For what values of x does the graph of F9x) = 2x^3 - 3x^2 + 12x + 87 have a horizontal tangent?
this is the same as asking where F'(x) = 0
Since F'(x) = 6x^2-6x+12
where would that be?
6x4=24
2x6=12+12=24
so...2?
No, it's almost a trick question.
6x^2-6x+12 is never zero (has no real roots)
So, F(x) never has a horizontal tangent.
Visit wolframalpha.com and type in
2x^3 - 3x^2 + 12x + 87
and it will show the graph and various properties of the function. You will be able to see clearly that there is no horizontal tangent.
To find the values of x for which the graph of F(x) has a horizontal tangent, we need to find the points where the derivative of F(x) is equal to zero.

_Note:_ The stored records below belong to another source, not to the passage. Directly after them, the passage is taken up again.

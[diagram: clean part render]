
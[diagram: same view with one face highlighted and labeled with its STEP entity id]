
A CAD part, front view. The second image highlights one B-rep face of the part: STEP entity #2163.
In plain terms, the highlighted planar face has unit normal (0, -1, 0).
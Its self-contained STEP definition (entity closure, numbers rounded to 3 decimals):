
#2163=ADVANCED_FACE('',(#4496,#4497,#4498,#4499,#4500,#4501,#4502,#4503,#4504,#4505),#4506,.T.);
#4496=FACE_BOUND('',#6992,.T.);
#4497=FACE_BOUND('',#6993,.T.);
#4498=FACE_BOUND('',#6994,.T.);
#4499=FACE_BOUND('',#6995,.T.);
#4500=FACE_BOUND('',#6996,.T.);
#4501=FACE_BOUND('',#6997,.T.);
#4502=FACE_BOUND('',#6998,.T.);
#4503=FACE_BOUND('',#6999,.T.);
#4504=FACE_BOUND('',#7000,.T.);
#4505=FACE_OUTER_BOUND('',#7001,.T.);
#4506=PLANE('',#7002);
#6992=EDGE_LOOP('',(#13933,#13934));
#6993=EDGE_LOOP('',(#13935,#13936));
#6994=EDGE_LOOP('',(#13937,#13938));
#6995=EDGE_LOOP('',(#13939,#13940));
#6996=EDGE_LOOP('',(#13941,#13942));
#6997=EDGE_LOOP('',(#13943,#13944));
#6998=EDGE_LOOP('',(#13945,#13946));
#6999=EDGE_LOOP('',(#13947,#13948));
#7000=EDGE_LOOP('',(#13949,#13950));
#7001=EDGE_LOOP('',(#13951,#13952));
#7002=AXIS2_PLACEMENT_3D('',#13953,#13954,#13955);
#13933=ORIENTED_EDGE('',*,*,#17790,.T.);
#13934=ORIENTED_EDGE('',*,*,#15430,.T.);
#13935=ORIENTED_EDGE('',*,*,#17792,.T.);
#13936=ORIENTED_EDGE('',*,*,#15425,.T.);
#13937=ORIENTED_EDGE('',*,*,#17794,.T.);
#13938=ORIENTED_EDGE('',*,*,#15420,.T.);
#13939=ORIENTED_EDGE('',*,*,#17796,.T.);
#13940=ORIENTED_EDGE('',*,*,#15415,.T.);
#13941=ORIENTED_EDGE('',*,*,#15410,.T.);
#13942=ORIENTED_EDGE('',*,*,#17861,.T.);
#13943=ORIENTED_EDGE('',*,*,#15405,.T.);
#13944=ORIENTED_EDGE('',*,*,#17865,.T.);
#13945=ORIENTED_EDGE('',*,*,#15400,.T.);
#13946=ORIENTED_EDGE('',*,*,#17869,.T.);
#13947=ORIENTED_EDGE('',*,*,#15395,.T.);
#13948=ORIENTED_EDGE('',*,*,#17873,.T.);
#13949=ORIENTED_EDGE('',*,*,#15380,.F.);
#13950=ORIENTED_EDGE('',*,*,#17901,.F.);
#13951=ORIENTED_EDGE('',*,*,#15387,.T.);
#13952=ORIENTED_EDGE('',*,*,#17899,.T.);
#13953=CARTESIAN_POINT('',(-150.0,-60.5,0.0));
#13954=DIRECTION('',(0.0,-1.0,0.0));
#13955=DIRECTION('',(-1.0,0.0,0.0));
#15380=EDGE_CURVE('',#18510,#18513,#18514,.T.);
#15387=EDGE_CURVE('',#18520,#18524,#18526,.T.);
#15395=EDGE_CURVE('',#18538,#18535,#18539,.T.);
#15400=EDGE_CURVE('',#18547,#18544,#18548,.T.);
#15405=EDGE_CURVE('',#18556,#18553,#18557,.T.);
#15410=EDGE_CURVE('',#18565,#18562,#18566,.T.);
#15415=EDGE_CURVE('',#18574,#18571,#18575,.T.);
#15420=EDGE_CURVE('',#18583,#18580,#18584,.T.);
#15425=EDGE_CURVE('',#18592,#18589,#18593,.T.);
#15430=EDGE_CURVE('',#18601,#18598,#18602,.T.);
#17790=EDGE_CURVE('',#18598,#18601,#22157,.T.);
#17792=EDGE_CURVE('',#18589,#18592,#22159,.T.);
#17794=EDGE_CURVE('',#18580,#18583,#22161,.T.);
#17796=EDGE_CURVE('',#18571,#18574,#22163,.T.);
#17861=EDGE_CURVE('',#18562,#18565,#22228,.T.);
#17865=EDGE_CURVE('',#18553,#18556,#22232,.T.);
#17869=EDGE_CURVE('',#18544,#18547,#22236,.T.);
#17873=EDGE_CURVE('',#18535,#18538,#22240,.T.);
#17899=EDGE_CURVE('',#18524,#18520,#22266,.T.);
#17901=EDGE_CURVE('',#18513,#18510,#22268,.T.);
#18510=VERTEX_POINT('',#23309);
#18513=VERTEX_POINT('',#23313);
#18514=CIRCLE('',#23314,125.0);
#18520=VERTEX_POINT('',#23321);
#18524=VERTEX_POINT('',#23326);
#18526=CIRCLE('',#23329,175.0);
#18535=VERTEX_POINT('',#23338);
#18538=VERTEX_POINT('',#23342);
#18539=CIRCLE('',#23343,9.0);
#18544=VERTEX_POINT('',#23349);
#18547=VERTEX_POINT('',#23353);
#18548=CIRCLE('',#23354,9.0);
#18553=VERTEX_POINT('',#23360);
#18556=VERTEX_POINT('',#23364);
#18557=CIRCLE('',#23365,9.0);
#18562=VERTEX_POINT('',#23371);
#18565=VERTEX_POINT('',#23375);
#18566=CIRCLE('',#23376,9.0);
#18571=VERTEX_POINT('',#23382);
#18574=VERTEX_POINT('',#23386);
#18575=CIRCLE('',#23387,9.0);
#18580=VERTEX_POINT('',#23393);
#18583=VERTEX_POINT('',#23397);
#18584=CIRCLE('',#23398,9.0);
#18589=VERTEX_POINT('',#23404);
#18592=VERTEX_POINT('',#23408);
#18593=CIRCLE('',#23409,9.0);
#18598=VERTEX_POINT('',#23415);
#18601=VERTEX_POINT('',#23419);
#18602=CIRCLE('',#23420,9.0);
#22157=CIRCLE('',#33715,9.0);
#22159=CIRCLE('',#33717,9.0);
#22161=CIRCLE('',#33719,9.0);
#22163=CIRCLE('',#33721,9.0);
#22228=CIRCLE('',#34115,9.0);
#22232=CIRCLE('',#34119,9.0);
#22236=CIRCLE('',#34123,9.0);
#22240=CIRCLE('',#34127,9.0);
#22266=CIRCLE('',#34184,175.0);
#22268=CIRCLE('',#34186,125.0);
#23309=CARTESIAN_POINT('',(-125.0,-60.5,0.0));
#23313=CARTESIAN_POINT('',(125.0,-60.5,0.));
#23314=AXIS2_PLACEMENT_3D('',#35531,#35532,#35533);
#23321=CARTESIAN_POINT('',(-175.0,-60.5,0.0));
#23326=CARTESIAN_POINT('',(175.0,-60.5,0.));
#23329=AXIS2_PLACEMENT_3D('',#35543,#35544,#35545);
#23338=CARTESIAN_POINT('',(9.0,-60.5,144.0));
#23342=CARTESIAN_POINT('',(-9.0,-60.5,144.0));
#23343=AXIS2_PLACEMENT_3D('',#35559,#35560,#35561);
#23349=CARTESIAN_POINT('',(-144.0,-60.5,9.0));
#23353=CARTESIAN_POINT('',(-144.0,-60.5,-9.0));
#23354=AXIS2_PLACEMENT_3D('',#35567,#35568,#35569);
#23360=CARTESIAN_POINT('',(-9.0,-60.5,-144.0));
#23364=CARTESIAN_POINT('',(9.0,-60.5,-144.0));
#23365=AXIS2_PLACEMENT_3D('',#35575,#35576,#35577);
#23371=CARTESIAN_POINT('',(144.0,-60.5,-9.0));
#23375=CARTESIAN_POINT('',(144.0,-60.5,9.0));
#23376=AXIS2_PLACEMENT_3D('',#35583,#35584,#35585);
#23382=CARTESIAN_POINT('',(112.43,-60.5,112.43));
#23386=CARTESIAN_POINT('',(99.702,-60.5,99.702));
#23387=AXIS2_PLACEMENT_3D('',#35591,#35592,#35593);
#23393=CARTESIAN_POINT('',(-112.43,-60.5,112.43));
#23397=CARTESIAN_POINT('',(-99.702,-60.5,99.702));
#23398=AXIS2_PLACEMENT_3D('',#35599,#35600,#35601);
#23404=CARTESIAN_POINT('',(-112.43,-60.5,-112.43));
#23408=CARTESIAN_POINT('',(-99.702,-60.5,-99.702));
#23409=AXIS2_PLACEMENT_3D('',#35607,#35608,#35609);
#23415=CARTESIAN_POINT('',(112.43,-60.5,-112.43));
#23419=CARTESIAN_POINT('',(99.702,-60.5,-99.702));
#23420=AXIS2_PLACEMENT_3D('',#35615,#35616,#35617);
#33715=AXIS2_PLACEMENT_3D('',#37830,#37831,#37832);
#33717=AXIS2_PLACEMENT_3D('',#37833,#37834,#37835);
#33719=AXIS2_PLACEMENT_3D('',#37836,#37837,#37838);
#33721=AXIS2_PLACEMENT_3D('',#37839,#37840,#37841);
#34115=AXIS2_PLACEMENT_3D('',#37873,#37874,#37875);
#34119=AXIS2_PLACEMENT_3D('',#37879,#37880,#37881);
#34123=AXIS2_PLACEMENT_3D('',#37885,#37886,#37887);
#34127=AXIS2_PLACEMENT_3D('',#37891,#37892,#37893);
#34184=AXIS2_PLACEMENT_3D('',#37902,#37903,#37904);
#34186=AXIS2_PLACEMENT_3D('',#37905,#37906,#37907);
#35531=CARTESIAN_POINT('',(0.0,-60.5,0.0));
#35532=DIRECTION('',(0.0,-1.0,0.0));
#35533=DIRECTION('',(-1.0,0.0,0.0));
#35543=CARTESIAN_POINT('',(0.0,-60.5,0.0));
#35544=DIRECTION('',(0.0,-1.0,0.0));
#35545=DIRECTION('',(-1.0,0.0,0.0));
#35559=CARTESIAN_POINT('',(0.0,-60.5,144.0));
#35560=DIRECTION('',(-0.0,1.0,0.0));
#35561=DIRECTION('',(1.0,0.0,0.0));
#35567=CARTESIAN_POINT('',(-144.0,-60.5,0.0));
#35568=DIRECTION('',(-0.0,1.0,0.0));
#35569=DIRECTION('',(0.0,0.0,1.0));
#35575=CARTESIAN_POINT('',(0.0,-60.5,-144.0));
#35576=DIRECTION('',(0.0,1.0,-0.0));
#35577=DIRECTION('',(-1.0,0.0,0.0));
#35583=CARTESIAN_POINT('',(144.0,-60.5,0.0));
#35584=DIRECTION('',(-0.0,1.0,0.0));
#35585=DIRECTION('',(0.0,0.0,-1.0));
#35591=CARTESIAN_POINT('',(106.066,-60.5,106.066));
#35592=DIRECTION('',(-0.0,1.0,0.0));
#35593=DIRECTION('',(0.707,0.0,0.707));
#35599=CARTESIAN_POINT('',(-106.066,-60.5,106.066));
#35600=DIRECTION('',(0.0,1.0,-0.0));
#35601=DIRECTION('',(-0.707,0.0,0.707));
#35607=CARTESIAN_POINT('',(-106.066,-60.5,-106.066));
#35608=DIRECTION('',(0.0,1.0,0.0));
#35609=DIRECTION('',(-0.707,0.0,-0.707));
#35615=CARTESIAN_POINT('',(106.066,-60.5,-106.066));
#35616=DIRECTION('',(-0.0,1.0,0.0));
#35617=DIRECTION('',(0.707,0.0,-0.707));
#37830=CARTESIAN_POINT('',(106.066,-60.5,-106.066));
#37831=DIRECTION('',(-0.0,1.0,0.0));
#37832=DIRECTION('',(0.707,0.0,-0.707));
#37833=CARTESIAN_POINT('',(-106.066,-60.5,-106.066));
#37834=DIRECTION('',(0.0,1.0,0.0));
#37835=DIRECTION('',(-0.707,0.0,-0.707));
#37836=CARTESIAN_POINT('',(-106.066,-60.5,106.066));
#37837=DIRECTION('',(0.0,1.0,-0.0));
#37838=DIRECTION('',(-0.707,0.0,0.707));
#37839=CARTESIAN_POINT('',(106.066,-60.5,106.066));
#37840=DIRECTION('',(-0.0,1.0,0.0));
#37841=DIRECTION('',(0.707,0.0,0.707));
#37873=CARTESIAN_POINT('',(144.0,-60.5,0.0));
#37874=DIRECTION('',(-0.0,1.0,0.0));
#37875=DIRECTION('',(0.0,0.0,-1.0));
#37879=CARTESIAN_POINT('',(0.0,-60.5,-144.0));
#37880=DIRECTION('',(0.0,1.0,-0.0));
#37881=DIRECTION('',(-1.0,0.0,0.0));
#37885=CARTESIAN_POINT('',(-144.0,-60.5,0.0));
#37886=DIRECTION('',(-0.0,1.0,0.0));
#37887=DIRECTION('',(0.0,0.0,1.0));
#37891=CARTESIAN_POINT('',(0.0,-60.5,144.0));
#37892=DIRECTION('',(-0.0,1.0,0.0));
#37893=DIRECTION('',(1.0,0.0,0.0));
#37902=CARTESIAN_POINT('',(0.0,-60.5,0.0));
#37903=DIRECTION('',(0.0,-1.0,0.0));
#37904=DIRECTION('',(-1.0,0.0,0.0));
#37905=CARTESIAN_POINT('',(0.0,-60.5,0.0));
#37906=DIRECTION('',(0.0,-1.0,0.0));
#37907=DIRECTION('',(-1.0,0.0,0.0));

First, let's find the derivative of F(x) by applying the power rule to each term:
F'(x) = d/dx (2x^3) - d/dx (3x^2) + d/dx (12x) + d/dx (87)
= 6x^2 - 6x + 12
Next, we set the derivative equal to zero and solve for x:
6x^2 - 6x + 12 = 0
To solve this quadratic equation, we can either use factoring, completing the square, or the quadratic formula. In this case, let's use the quadratic formula:
x = (-b ± √(b^2 - 4ac)) / (2a)
Plugging in the values from our equation:
x = (-(-6) ± √((-6)^2 - 4(6)(12))) / (2(6))
= (6 ± √(36 - 288)) / 12
= (6 ± √(-252)) / 12
Since we have a square root of a negative number, the quadratic equation has no real solutions. Therefore, there are no values of x for which the graph of F(x) has a horizontal tangent.